# Dialetto toscano



## Marcone

As I read the thread on "mica" I remembered that as a child in Pistoia I used the word often.  But we didn't pronounce the "c".  We said "mia".  This was done with all words containing a hard c sound ( dico, Coca cola, etc.). The soft c sound was pronounced as "sh" ( bicicletta became bi*sc*icletta, bacio was ba*sc*io, etc) People from all over the area spoke the same way. Is this an actual dialect?  If so, how wide spread is it?

Marco


----------



## Idioteque

Marcone said:
			
		

> As I read the thread on "mica" I remembered that as a child in Pistoia I used the word often.  But we didn't pronounce the "c".  We said "mia".  This was done with all words containing a hard c sound ( dico, Coca cola, etc.). The soft c sound was pronounced as "sh" ( bicicletta became bi*sc*icletta, bacio was ba*sc*io, etc) People from all over the area spoke the same way. Is this an actual dialect?  If so, how wide spread is it?
> 
> Marco



Yes, Marco, it's an actual dialect... you may find this accent in Tuscany and, in a similar way, in Umbria... I looove that accent...  
In regard to the second sound you've mentioned ("sh") it's quite widespread in all the middle Italy... so it's not typical of Tuscany...  

Bye, laura


----------



## uinni

Hi!
Yes. Mica is often used in Tuscan.
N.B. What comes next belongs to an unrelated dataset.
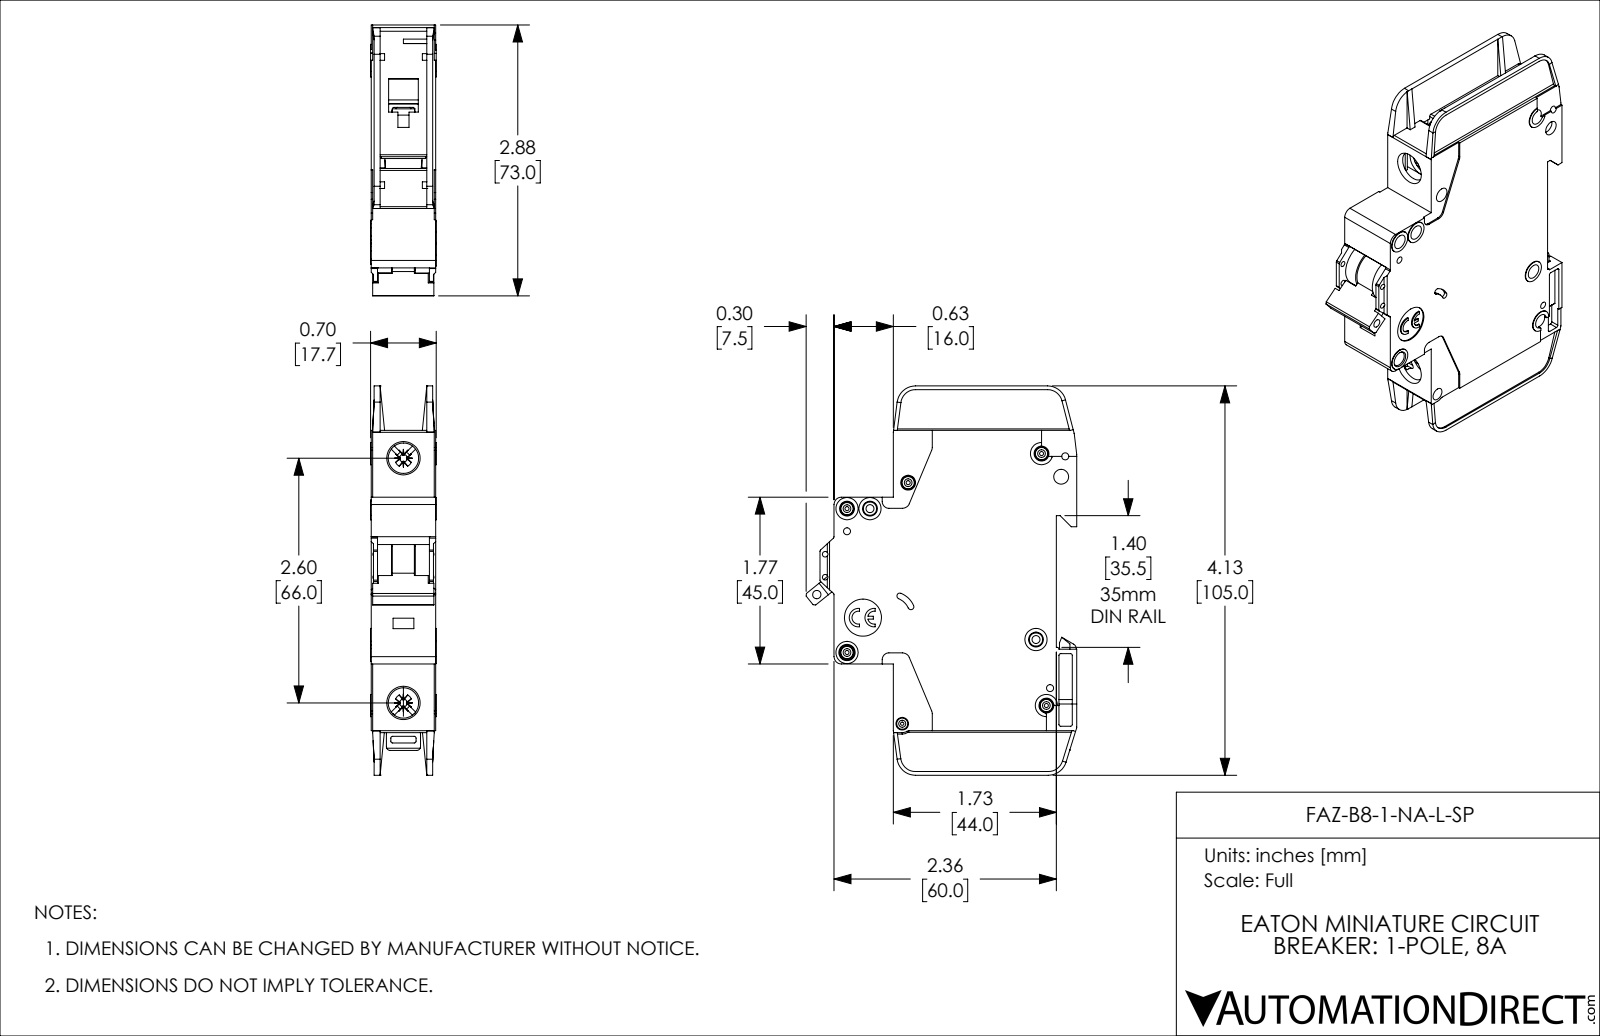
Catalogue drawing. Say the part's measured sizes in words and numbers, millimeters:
The part is named "FAZ-B8-1-NA-L-SP". Its 3-D file was written by "SolidWorks 2019 (AUTOMOTIVE_DESIGN)". It is 1 solid with 1127 faces: 671 planar, 357 cylindrical and 99 other. Overall it measures 105 by 73.1 by 17.7 millimeters. Its volume is 76 720 cubic millimeters and its surface area 26 460 square millimeters. Round holes: 8 of diameter 4, 5 of diameter 1.1, 4 of diameter 1.9, 2 of diameter 1.5, 2 of diameter 2.2, 2 of diameter 8.2, 1 of diameter 0.9, 1 of diameter 2.3, 1 of diameter 2.5, 1 of diameter 3.4, 1 of diameter 10. Round bosses or shafts: 5 of diameter 3.3, 4 of diameter 6, 2 of diameter 3, 1 of diameter 2.5. Partial cylindrical surfaces (rounded edges, fillets, slot ends): 42 of radius 0.5, 10 of radius 0.4, 10 of radius 1, 8 of radius 2, 5 of radius 5, 4 of radius 0.2, 4 of radius 0.7, 4 of radius 1.1. The main face-to-face distances are 1.2, 17.4, 15, 16.2, 2.4, 13.8, 0.4, 0.8, 12.6, 14.6. The hole center spacings are 6.2, 13.6, 22.1, 4.8, 5.1, 5.2, 5.6, 6.1.
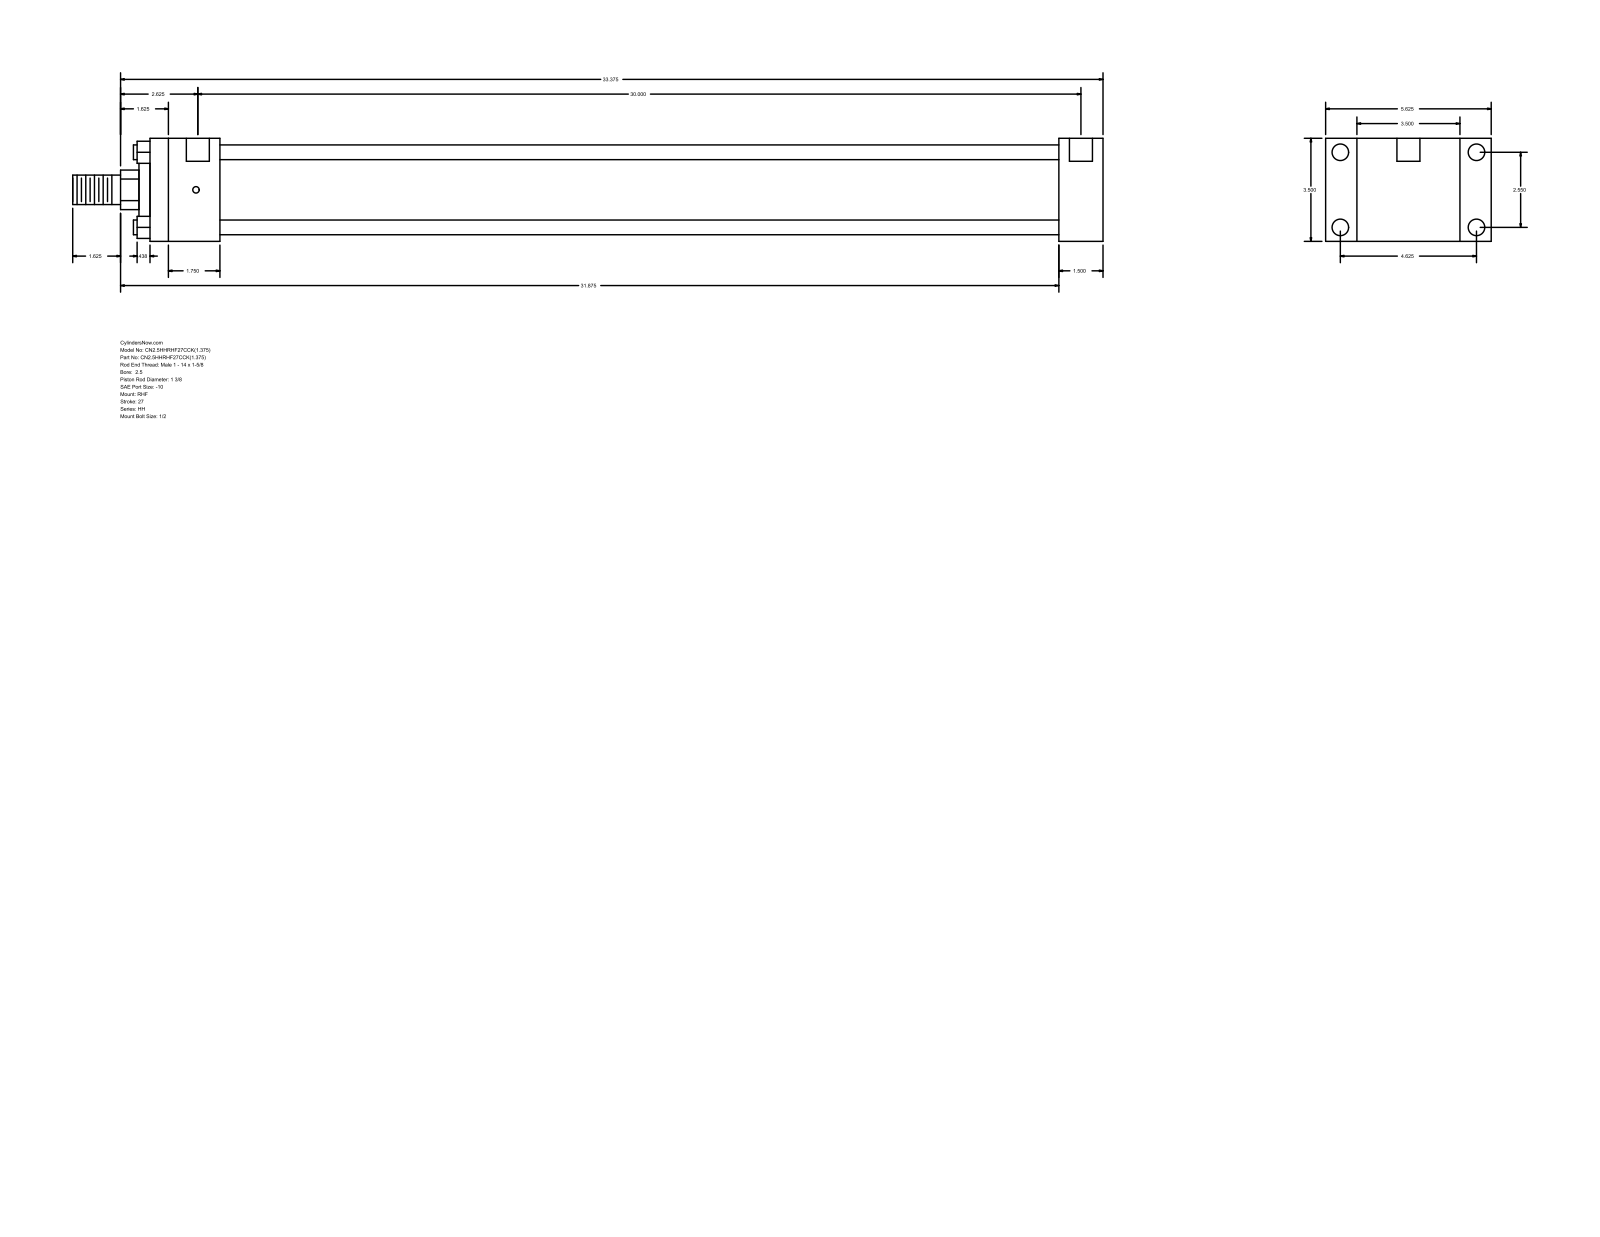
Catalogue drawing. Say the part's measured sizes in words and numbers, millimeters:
The part is named "HH_RHF__0250_1.375". Its 3-D file was written by "GSSL Pune (CONFIG_CONTROL_DESIGN)". It is 0 solids with 88 faces: 60 planar, 28 cylindrical and 0 other. Overall it measures 889 by 142.88 by 88.9 millimeters. Round holes: 4 of diameter 5.56, 4 of diameter 14.3, 2 of diameter 19.84. Round bosses or shafts: 4 of diameter 12.7, 1 of diameter 73.03, 1 of diameter 50.8, 1 of diameter 34.92, 1 of diameter 25.4. Partial cylindrical surfaces (rounded edges, fillets, slot ends): 1 of radius 17.06. The main face-to-face distances are 88.9, 38.11, 26.99, 115.89, 784.22, 822.33, 142.88, 60.32, 723.9, 762.01. The hole center spacings are 64.76, 117.48, 134.15, 765.17, 1.58, 1.59, 762, 763.58.

Italian comes actually from the "adoption" of that "dialect" as a national language, for Italy is actually made of very different "peoples" (with dialects or languages of their own, which where more or less forcedly oppressed til now -when it is too late to recover...).
So the vocabulary is very close to Italian, yet the pronounciation you describe is typical of Tuscany, for the two evolved independently.


----------



## Marcone

Mille grazie per le vostre risposte.  Mi dispiace assai che ho dimenticato così tanto.  Ma col vostro aiuto spero di ricordare quel che era la mia prima lingua.

Ciao, Marco


----------



## lsp

Idioteque said:
			
		

> Yes, Marco, it's an actual dialect... you may find this accent in Tuscany and, in a similar way, in Umbria... I looove that accent...
> In regard to the second sound you've mentioned ("sh") it's quite widespread in all the middle Italy... so it's not typical of Tuscany...
> 
> Bye, laura


I pronounced dici (as an example) with that "sh" sound you described when I started learning, and most Italians I met in my travels picked up right away that I had learned the language in Rome!


----------